Exercise brief: Reproduce word for word the lines from the beginning of the entries to the line with "from ifc_helpers import", both included, but none of the pictures.

Data items:
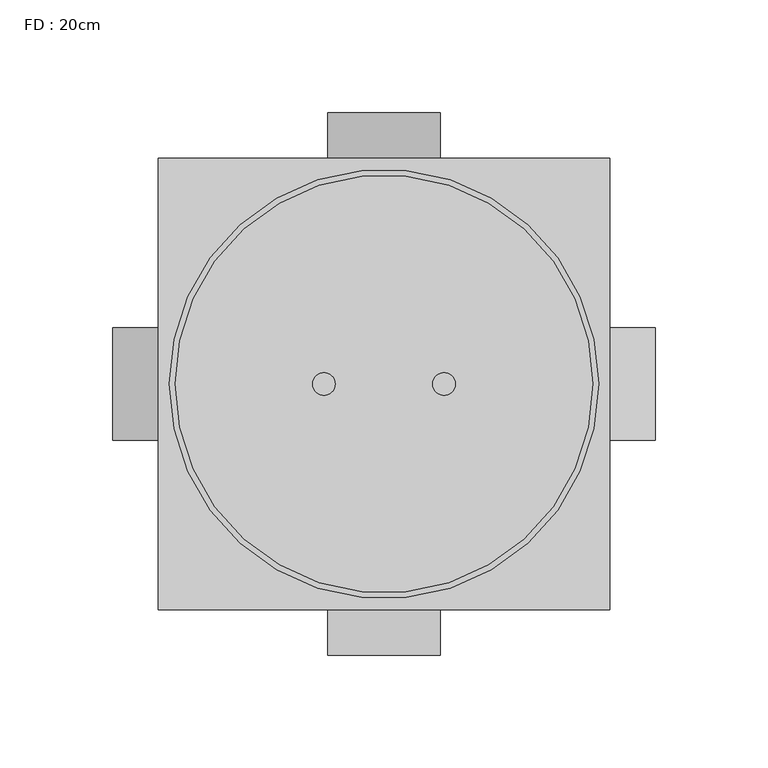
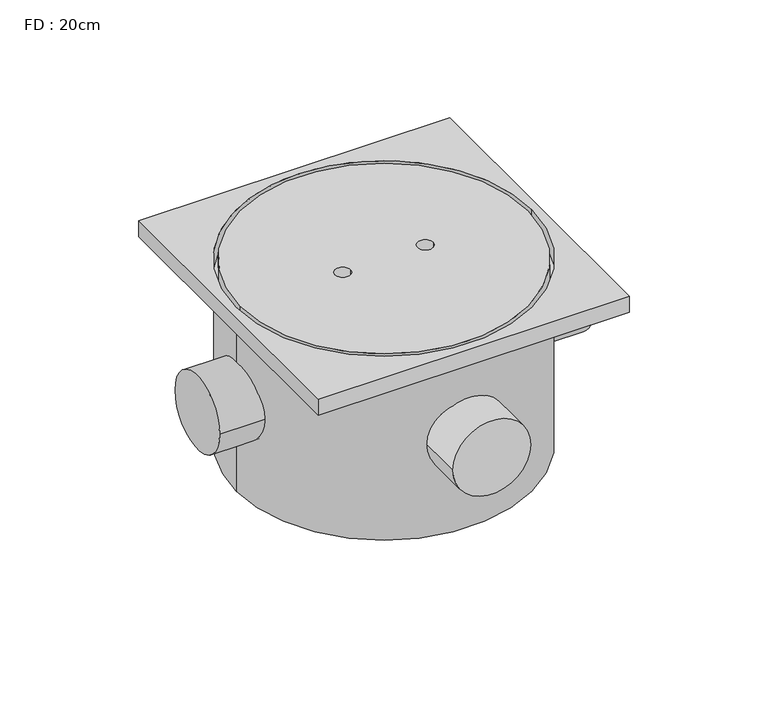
"""IFC4 building model written with IfcOpenShell, lengths in millimetres: flow terminal geometry, FD : 20cm."""

from ifc_helpers import new_model, si_unit, point, frame, frame_2d, origin, place, context, project, spatial, polyline, circle_curve, trimmed, segment, composite_curve, outline, extrude, source, transform, mapped, element, save
from ifc_brep_helpers import plane_surface, cylinder_surface, revolved_surface, advanced_brep


def fd_20cm_2b2fa0e1(model_context):
    return source(origin(), model_context, "Body", "SolidModel", [
        extrude(outline(polyline([(100.0, -24.8388451), (100.0, -224.8388451), (-100.0, -224.8388451), (-100.0, -24.8388451), (100.0, -24.8388451)]), holes=[composite_curve([segment(trimmed(circle_curve(frame_2d((0.0, -124.8388451)), 95.0), [point((-95.0, -124.8388451))], [point((95.0, -124.8388451))], True, "CARTESIAN"), True, "CONTINUOUS"), segment(trimmed(circle_curve(frame_2d((0.0, -124.8388451)), 95.0), [point((95.0, -124.8388451))], [point((-95.0, -124.8388451))], True, "CARTESIAN"), True, "CONTINUOUS")], self_intersect=False)]), frame((0.0, 0.0, -10.7801662), z_axis=(0.0, 0.0, 1.0), x_axis=(1.0, 0.0, 0.0)), (0.0, 0.0, 1.0), 10.7801662),
        extrude(outline(composite_curve([segment(trimmed(circle_curve(frame_2d((-124.8388451, -62.5)), 25.0), [point((-149.8388451, -62.5))], [point((-99.8388451, -62.5))], False, "CARTESIAN"), True, "CONTINUOUS"), segment(trimmed(circle_curve(frame_2d((-124.8388451, -62.5)), 25.0), [point((-99.8388451, -62.5))], [point((-149.8388451, -62.5))], False, "CARTESIAN"), True, "CONTINUOUS")], self_intersect=False)), frame((80.0, 0.0, 0.0), z_axis=(1.0, 0.0, 0.0), x_axis=(0.0, 1.0, 0.0)), (0.0, 0.0, 1.0), 40.0),
        extrude(outline(composite_curve([segment(trimmed(circle_curve(frame_2d((-62.5, 0.0)), 25.0), [point((-62.5, 25.0))], [point((-62.5, -25.0))], False, "CARTESIAN"), True, "CONTINUOUS"), segment(trimmed(circle_curve(frame_2d((-62.5, 0.0)), 25.0), [point((-62.5, -25.0))], [point((-62.5, 25.0))], False, "CARTESIAN"), True, "CONTINUOUS")], self_intersect=False)), frame((0.0, -44.8388451, 0.0), z_axis=(0.0, 1.0, 0.0), x_axis=(0.0, 0.0, 1.0)), (0.0, 0.0, 1.0), 40.0),
        extrude(outline(composite_curve([segment(trimmed(circle_curve(frame_2d((-124.8388451, -62.5)), 25.0), [point((-99.8388451, -62.5))], [point((-149.8388451, -62.5))], False, "CARTESIAN"), True, "CONTINUOUS"), segment(trimmed(circle_curve(frame_2d((-124.8388451, -62.5)), 25.0), [point((-149.8388451, -62.5))], [point((-99.8388451, -62.5))], False, "CARTESIAN"), True, "CONTINUOUS")], self_intersect=False)), frame((-120.0, 0.0, 0.0), z_axis=(1.0, 0.0, 0.0), x_axis=(0.0, 1.0, 0.0)), (0.0, 0.0, 1.0), 40.0),
        extrude(outline(composite_curve([segment(trimmed(circle_curve(frame_2d((-62.5, 0.0)), 25.0), [point((-62.5, -25.0))], [point((-62.5, 25.0))], False, "CARTESIAN"), True, "CONTINUOUS"), segment(trimmed(circle_curve(frame_2d((-62.5, 0.0)), 25.0), [point((-62.5, 25.0))], [point((-62.5, -25.0))], False, "CARTESIAN"), True, "CONTINUOUS")], self_intersect=False)), frame((0.0, -244.8388451, 0.0), z_axis=(0.0, 1.0, 0.0), x_axis=(0.0, 0.0, 1.0)), (0.0, 0.0, 1.0), 40.0),
        extrude(outline(composite_curve([segment(trimmed(circle_curve(frame_2d((0.0, -124.8388451)), 92.5), [point((-92.5, -124.8388451))], [point((92.5, -124.8388451))], False, "CARTESIAN"), True, "CONTINUOUS"), segment(trimmed(circle_curve(frame_2d((0.0, -124.8388451)), 92.5), [point((92.5, -124.8388451))], [point((-92.5, -124.8388451))], False, "CARTESIAN"), True, "CONTINUOUS")], self_intersect=False), holes=[composite_curve([segment(trimmed(circle_curve(frame_2d((26.5843738, -124.8388451)), 5.0), [point((21.5843738, -124.8388451))], [point((31.5843738, -124.8388451))], True, "CARTESIAN"), True, "CONTINUOUS"), segment(trimmed(circle_curve(frame_2d((26.5843738, -124.8388451)), 5.0), [point((31.5843738, -124.8388451))], [point((21.5843738, -124.8388451))], True, "CARTESIAN"), True, "CONTINUOUS")], self_intersect=False), composite_curve([segment(trimmed(circle_curve(frame_2d((-26.5843738, -124.8388451)), 5.0), [point((-31.5843738, -124.8388451))], [point((-21.5843738, -124.8388451))], True, "CARTESIAN"), True, "CONTINUOUS"), segment(trimmed(circle_curve(frame_2d((-26.5843738, -124.8388451)), 5.0), [point((-21.5843738, -124.8388451))], [point((-31.5843738, -124.8388451))], True, "CARTESIAN"), True, "CONTINUOUS")], self_intersect=False)]), frame((0.0, 0.0, -10.7801662), z_axis=(0.0, 0.0, 1.0), x_axis=(1.0, 0.0, 0.0)), (0.0, 0.0, 1.0), 10.7801662),
        advanced_brep(
        [(-95.0, -124.8388451, -10.7801662), (95.0, -124.8388451, -10.7801662), (-92.5, -124.8388451, -10.7801662), (92.5, -124.8388451, -10.7801662), (-95.0, -124.8388451, -125.0), (95.0, -124.8388451, -125.0), (92.5, -124.8388451, -120.0), (-92.5, -124.8388451, -120.0), (95.0, -124.8388451, -120.0), (-95.0, -124.8388451, -120.0)],
        [
            (0, 1, circle_curve(frame((0.0, -124.8388451, -10.7801662), z_axis=(0.0, 0.0, 1.0), x_axis=(1.0, 0.0, 0.0)), 95.0)),
            (1, 0, circle_curve(frame((0.0, -124.8388451, -10.7801662), z_axis=(0.0, 0.0, 1.0), x_axis=(1.0, 0.0, 0.0)), 95.0)),
            (2, 3, circle_curve(frame((0.0, -124.8388451, -10.7801662), z_axis=(0.0, 0.0, -1.0), x_axis=(1.0, 0.0, 0.0)), 92.5)),
            (3, 2, circle_curve(frame((0.0, -124.8388451, -10.7801662), z_axis=(0.0, 0.0, -1.0), x_axis=(1.0, 0.0, 0.0)), 92.5)),
            (4, 5, circle_curve(frame((0.0, -124.8388451, -125.0), z_axis=(0.0, 0.0, -1.0), x_axis=(1.0, 0.0, 0.0)), 95.0)),
            (5, 4, circle_curve(frame((0.0, -124.8388451, -125.0), z_axis=(0.0, 0.0, -1.0), x_axis=(1.0, 0.0, 0.0)), 95.0)),
            (3, 6),
            (6, 7, circle_curve(frame((0.0, -124.8388451, -120.0), z_axis=(0.0, 0.0, -1.0), x_axis=(1.0, 0.0, 0.0)), 92.5)),
            (7, 2),
            (7, 6, circle_curve(frame((0.0, -124.8388451, -120.0), z_axis=(0.0, 0.0, -1.0), x_axis=(1.0, 0.0, 0.0)), 92.5)),
            (1, 8),
            (8, 5),
            (4, 9),
            (9, 0),
        ],
        [
            plane_surface(frame((92.5, -124.8388451, -10.7801662), z_axis=(0.0, 0.0, 1.0), x_axis=(0.0, -1.0, 0.0))),
            plane_surface(frame((92.5, -124.8388451, -125.0), z_axis=(0.0, 0.0, -1.0), x_axis=(0.0, 1.0, 0.0))),
            revolved_surface(polyline([(92.5, -124.8388451, -120.0), (92.5, -124.8388451, -10.780166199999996)]), (0.0, -124.8388451, -125.0), (0.0, 0.0, -1.0)),
            cylinder_surface(frame((0.0, -124.8388451, 0.0), z_axis=(0.0, 0.0, 1.0), x_axis=(1.0, 0.0, 0.0)), 95.0),
            plane_surface(frame((95.0, -124.8388451, -120.0), z_axis=(0.0, 0.0, 1.0), x_axis=(0.0, 1.0, 0.0))),
        ],
        [
            (0, [[1, 2], [3, 4]]),
            (1, [[5, 6]]),
            (2, [[-4, 7, 8, 9]]),
            (2, [[-3, -9, 10, -7]]),
            (3, [[-2, 11, 12, -5, 13, 14]]),
            (3, [[-1, -14, -13, -6, -12, -11]]),
            (4, [[-8, -10]]),
        ],
    ),
    ])


if __name__ == "__main__":
    model = new_model("IFC4")
    model_context = context("Model", 3, world=origin())
    ifc_project = project(units=[si_unit("LENGTHUNIT", "METRE", prefix="MILLI")], contexts=[model_context])
    site = spatial("IfcSite", under=ifc_project)
    building = spatial("IfcBuilding", under=site)
    placement = place(None, origin())
    fd_20cm_shape = fd_20cm_2b2fa0e1(model_context)
    element("IfcFlowTerminal", 1, ObjectType="FD : 20cm", at=placement, inside=building, context=model_context, shape_type="MappedRepresentation", body=[
        mapped(fd_20cm_shape, transform((0.0, 0.0, 0.0), x_axis=(1.0, 0.0, 0.0), y_axis=(0.0, 1.0, 0.0), z_axis=(0.0, 0.0, 1.0))),
    ])
    save(model, "model.ifc")

Answer for this exercise:
"""IFC4 building model written with IfcOpenShell, lengths in millimetres: flow terminal geometry, FD : 20cm."""

from ifc_helpers import new_model, si_unit, point, frame, frame_2d, origin, place, context, project, spatial, polyline, circle_curve, trimmed, segment, composite_curve, outline, extrude, source, transform, mapped, element, save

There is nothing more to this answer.